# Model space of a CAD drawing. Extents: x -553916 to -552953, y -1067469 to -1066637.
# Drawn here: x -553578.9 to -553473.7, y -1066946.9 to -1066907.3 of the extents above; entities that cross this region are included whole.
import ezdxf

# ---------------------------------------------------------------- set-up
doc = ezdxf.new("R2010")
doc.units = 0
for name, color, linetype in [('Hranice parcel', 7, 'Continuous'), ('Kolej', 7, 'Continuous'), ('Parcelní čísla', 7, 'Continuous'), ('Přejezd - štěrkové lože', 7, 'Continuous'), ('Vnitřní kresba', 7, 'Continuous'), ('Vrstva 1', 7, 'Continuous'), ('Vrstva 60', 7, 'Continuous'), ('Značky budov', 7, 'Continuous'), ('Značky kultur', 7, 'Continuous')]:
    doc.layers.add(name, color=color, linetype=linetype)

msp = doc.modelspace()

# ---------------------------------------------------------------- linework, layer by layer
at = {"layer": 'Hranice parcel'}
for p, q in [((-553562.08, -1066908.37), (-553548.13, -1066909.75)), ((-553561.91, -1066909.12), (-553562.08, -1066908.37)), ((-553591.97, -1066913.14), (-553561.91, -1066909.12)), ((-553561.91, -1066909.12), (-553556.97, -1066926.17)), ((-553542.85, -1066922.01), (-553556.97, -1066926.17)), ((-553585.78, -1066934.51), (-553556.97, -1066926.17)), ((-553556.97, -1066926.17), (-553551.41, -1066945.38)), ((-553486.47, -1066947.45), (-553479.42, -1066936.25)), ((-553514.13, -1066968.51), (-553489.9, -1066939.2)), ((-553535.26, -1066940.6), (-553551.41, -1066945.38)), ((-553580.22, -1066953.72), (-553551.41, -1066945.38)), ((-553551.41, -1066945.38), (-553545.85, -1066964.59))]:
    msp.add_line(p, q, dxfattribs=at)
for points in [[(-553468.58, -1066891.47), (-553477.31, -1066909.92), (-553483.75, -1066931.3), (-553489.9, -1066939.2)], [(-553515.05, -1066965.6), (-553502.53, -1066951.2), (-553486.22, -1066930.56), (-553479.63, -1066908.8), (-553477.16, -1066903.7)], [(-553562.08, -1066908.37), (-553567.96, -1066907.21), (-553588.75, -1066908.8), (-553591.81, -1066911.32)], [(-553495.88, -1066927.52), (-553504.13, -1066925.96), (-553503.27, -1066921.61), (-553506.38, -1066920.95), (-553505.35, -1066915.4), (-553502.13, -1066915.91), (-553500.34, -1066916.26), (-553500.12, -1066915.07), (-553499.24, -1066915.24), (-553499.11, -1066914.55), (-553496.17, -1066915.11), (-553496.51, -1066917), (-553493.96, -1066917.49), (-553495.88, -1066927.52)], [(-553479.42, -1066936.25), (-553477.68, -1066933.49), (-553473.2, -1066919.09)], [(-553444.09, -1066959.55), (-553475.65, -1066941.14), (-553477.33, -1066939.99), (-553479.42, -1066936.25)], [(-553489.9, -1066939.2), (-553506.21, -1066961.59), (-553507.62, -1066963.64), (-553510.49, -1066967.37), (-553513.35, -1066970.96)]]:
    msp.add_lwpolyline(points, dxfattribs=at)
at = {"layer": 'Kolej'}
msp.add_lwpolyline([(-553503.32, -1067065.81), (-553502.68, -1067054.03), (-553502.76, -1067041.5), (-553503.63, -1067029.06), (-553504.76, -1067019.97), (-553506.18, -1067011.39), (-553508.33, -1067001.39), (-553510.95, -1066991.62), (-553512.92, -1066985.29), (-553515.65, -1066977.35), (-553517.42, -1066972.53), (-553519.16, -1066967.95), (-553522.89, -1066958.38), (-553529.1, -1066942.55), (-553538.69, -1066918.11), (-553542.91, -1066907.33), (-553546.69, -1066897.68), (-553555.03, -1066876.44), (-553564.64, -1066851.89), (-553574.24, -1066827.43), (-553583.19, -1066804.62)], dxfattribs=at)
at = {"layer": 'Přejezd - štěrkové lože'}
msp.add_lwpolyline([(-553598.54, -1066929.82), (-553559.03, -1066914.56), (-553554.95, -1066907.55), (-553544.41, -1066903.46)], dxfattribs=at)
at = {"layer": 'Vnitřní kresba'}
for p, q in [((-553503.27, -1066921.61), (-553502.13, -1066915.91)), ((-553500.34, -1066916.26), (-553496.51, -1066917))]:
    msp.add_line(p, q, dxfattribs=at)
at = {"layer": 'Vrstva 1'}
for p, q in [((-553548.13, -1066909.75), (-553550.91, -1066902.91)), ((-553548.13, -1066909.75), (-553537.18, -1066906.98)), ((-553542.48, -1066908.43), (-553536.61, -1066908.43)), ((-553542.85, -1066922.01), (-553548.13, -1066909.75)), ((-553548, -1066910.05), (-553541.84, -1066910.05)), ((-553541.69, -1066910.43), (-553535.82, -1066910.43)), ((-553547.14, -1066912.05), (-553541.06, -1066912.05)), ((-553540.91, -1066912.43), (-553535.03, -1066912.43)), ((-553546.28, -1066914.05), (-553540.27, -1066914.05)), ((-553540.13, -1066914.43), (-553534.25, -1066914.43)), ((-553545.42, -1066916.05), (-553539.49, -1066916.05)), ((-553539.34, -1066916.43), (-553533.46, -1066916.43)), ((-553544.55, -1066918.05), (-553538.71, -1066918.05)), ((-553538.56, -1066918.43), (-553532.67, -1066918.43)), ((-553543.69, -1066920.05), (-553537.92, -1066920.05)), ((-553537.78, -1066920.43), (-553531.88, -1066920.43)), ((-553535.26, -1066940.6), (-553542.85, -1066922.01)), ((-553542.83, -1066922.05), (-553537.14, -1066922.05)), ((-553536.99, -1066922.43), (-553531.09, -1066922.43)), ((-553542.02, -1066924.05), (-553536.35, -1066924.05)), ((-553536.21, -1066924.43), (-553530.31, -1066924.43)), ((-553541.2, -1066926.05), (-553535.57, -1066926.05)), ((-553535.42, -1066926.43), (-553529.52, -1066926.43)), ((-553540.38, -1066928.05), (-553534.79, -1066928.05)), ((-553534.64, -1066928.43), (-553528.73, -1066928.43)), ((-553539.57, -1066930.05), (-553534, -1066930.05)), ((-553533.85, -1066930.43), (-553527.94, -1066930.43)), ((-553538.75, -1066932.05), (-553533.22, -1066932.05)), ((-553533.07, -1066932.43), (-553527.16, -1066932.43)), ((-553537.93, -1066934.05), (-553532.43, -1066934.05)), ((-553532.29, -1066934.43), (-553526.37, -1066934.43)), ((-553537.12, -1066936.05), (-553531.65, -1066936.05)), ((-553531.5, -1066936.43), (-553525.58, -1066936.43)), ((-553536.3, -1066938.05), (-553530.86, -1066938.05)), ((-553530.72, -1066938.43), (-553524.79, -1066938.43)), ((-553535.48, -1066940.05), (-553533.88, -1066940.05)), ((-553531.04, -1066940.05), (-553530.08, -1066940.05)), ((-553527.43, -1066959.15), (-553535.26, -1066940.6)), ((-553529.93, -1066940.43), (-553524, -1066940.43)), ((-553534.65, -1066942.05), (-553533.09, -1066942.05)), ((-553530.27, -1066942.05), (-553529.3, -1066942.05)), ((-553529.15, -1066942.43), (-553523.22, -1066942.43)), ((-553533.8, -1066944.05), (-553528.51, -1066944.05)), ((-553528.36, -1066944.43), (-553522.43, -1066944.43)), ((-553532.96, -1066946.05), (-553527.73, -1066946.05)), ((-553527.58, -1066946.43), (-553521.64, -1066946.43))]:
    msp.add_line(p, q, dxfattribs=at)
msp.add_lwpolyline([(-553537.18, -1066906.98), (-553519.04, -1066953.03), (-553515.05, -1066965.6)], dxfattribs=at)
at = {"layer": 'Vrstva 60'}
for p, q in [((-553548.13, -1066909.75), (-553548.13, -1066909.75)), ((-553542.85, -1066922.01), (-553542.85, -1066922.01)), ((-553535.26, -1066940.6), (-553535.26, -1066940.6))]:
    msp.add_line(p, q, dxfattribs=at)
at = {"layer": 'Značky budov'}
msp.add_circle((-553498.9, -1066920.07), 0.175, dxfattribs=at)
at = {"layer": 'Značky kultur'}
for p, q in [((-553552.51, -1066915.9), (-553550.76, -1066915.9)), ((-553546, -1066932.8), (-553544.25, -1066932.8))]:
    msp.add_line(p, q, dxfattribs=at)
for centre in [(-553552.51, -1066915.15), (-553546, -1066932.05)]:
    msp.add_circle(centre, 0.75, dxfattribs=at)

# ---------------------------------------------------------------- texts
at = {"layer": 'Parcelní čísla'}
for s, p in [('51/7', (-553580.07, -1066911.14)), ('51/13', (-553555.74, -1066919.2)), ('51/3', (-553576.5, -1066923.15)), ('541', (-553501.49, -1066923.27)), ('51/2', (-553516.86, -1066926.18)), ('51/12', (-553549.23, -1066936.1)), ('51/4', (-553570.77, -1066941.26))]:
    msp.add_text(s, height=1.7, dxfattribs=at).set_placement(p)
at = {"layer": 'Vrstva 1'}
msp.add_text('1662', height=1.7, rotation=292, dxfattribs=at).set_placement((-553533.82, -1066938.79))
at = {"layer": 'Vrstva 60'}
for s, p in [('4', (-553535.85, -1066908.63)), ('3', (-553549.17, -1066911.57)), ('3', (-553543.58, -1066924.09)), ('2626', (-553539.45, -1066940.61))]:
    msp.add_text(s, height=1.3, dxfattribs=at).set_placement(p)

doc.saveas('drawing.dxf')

━━━━━━━━━━

• **TASK ITEM**
Lines in the records that hold "čísla" should be tallied, with the total given on its own.

• **EXERCISE RESULT**
2